_TASK REQUIREMENTS:_ A faithful copy of the entries is needed, one that leaves out the pictures.

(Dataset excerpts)

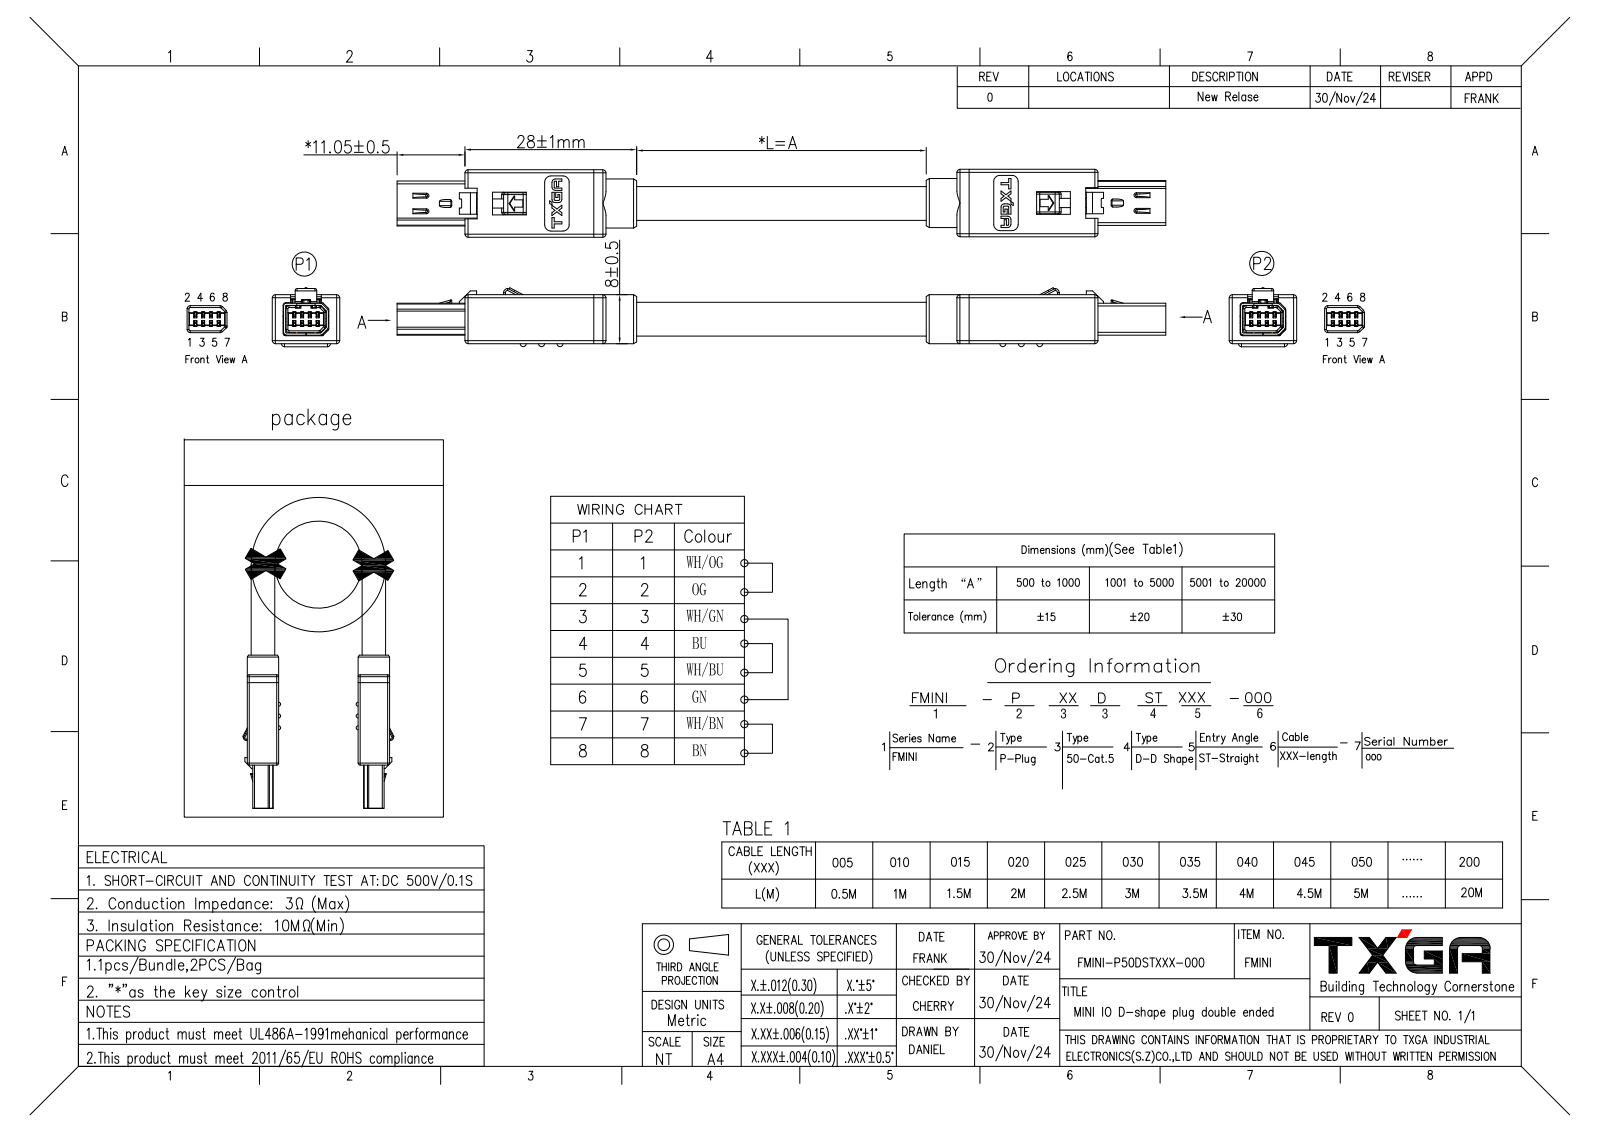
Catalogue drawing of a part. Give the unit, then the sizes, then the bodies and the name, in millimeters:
Units: millimetres
Overall size (bounding box): 110.1 × 11 × 9.62
Round bosses / shafts (diameter × count): ⌀8 ×1, ⌀5 ×1
Partial cylindrical surfaces — rounded edges, fillets, slot ends (radius × count): R0.2 ×110, R0.1 ×76, R0.3 ×68, R0.5 ×60, R0.8 ×40, R0.45 ×38, R0.4 ×20, R1 ×16
Main face-to-face distances: 0.35, 0.65, 1.4, 0.75, 1.75, 4.85, 1, 0.5, 6.25, 6.6
Volume: 4 516 mm³ · Surface area: 9 256 mm²
Bodies: 1 solid, 4546 faces (3024 planar, 1138 cylindrical, 384 other)
Part name (STEP PRODUCT): FMINI-PNDSTXXX-000
STEP written by: PRO/ENGINEER BY PARAMETRIC TECHNOLOGY CORPORATION, 2010280 (CONFIG_CONTROL_DESIGN)
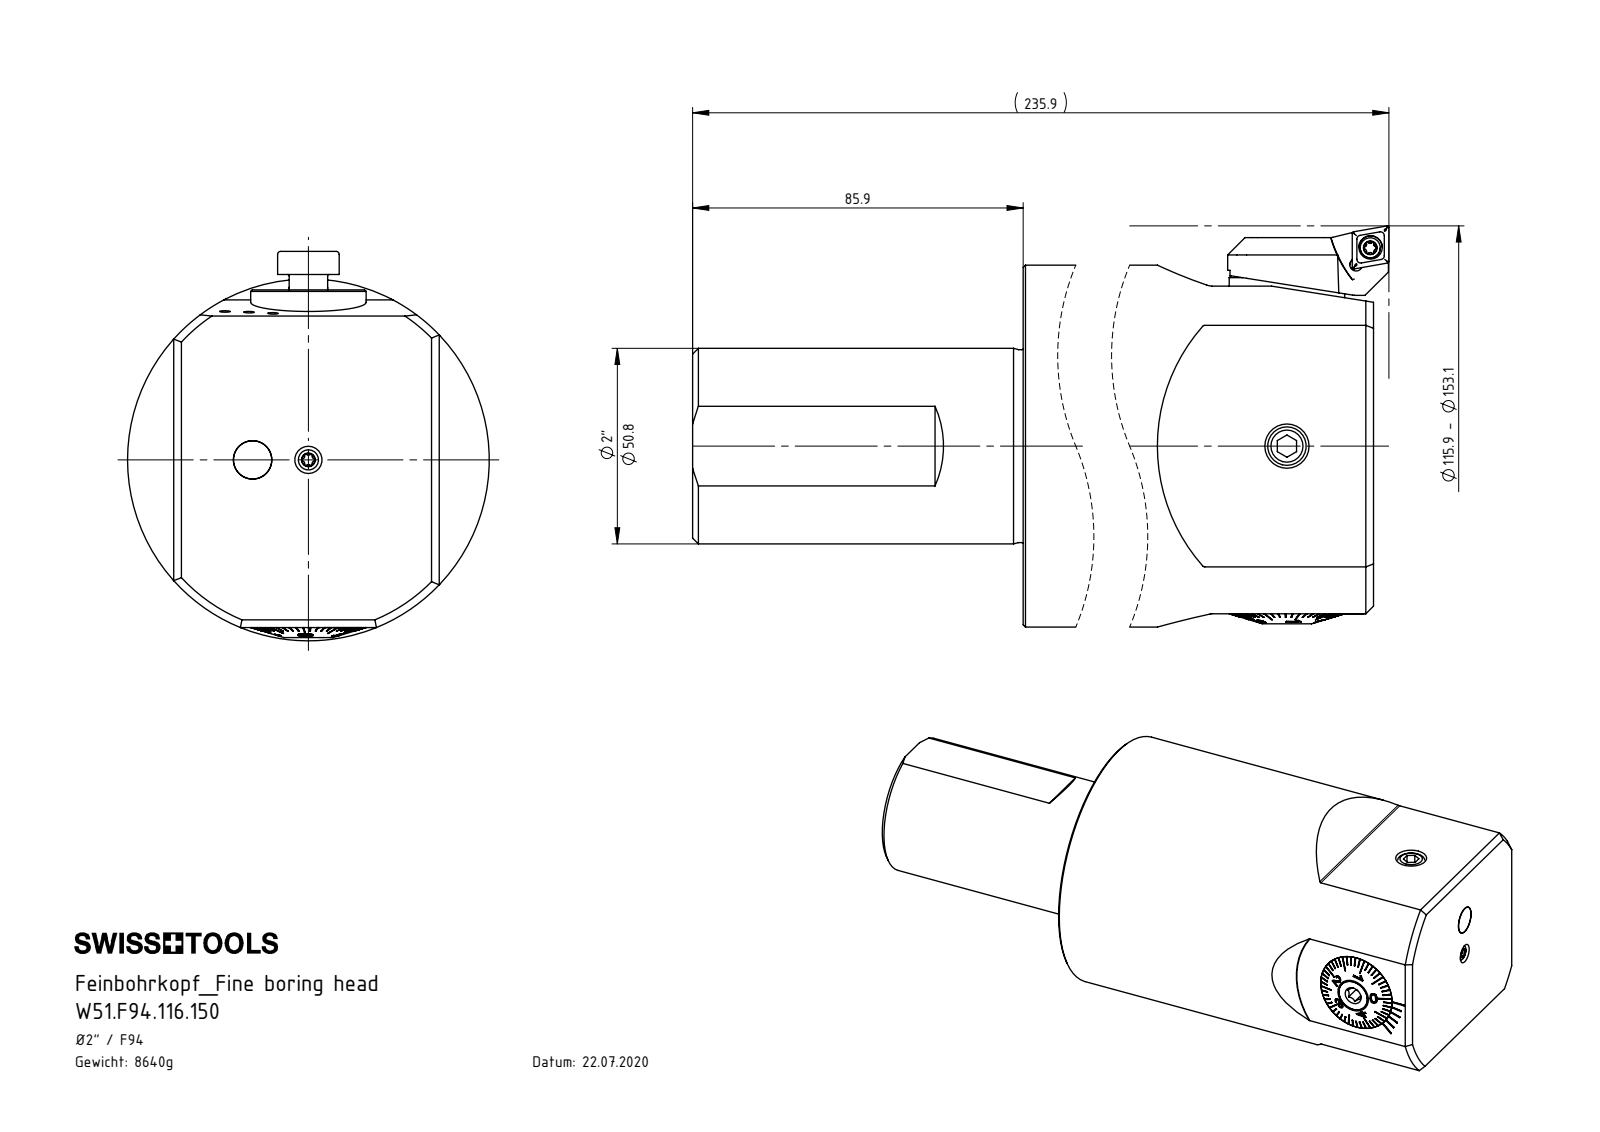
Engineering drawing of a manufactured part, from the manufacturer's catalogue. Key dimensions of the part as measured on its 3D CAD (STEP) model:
Part name (STEP PRODUCT): W51-F94.AA3.150_A_bohrungen gefllt; DIN 3771 - 25x1.5; ISO 4026 - M10 x 16; F94-BG1.DA3.030_A (+8 more)
STEP written by: SolidWorks 2017 (AUTOMOTIVE_DESIGN)
Units: millimetres
Bodies: 13 solids, 565 faces (305 planar, 82 cylindrical, 178 other)
Overall size (bounding box): 231.9 × 101.15 × 94
Volume: 1 095 000 mm³ · Surface area: 106 283 mm²
Round holes (diameter × count): ⌀2.5 ×3, ⌀4.2 ×3, ⌀3.3 ×2, ⌀8.5 ×2, ⌀5 ×1, ⌀8 ×1, ⌀10 ×1, ⌀10.7 ×1, ⌀11.4 ×1, ⌀12 ×1, ⌀12.4 ×1, ⌀13 ×1
Round bosses / shafts (diameter × count): ⌀10 ×2, ⌀94 ×1, ⌀50.8 ×1, ⌀50.1 ×1, ⌀30 ×1, ⌀29.98 ×1, ⌀29.9 ×1, ⌀25 ×1
Partial cylindrical surfaces — rounded edges, fillets, slot ends (radius × count): R0.34 ×6, R0.59 ×6, R2.5 ×6, R2 ×4, R3.2 ×3, R0.5 ×2, R0.8 ×2, R1 ×1
Main face-to-face distances: 146, 69, 85.9, 231.9, 57.2, 11.8, 6.5, 78.6, 85.1, 2.6
Hole centre spacings: 14.5

_EXERCISE RESPONSE:_
Catalogue drawing of a part. Give the unit, then the sizes, then the bodies and the name, in millimeters:
Units: millimetres
Overall size (bounding box): 110.1 × 11 × 9.62
Round bosses / shafts (diameter × count): ⌀8 ×1, ⌀5 ×1
Partial cylindrical surfaces — rounded edges, fillets, slot ends (radius × count): R0.2 ×110, R0.1 ×76, R0.3 ×68, R0.5 ×60, R0.8 ×40, R0.45 ×38, R0.4 ×20, R1 ×16
Main face-to-face distances: 0.35, 0.65, 1.4, 0.75, 1.75, 4.85, 1, 0.5, 6.25, 6.6
Volume: 4 516 mm³ · Surface area: 9 256 mm²
Bodies: 1 solid, 4546 faces (3024 planar, 1138 cylindrical, 384 other)
Part name (STEP PRODUCT): FMINI-PNDSTXXX-000
STEP written by: PRO/ENGINEER BY PARAMETRIC TECHNOLOGY CORPORATION, 2010280 (CONFIG_CONTROL_DESIGN)
Engineering drawing of a manufactured part, from the manufacturer's catalogue. Key dimensions of the part as measured on its 3D CAD (STEP) model:
Part name (STEP PRODUCT): W51-F94.AA3.150_A_bohrungen gefllt; DIN 3771 - 25x1.5; ISO 4026 - M10 x 16; F94-BG1.DA3.030_A (+8 more)
STEP written by: SolidWorks 2017 (AUTOMOTIVE_DESIGN)
Units: millimetres
Bodies: 13 solids, 565 faces (305 planar, 82 cylindrical, 178 other)
Overall size (bounding box): 231.9 × 101.15 × 94
Volume: 1 095 000 mm³ · Surface area: 106 283 mm²
Round holes (diameter × count): ⌀2.5 ×3, ⌀4.2 ×3, ⌀3.3 ×2, ⌀8.5 ×2, ⌀5 ×1, ⌀8 ×1, ⌀10 ×1, ⌀10.7 ×1, ⌀11.4 ×1, ⌀12 ×1, ⌀12.4 ×1, ⌀13 ×1
Round bosses / shafts (diameter × count): ⌀10 ×2, ⌀94 ×1, ⌀50.8 ×1, ⌀50.1 ×1, ⌀30 ×1, ⌀29.98 ×1, ⌀29.9 ×1, ⌀25 ×1
Partial cylindrical surfaces — rounded edges, fillets, slot ends (radius × count): R0.34 ×6, R0.59 ×6, R2.5 ×6, R2 ×4, R3.2 ×3, R0.5 ×2, R0.8 ×2, R1 ×1
Main face-to-face distances: 146, 69, 85.9, 231.9, 57.2, 11.8, 6.5, 78.6, 85.1, 2.6
Hole centre spacings: 14.5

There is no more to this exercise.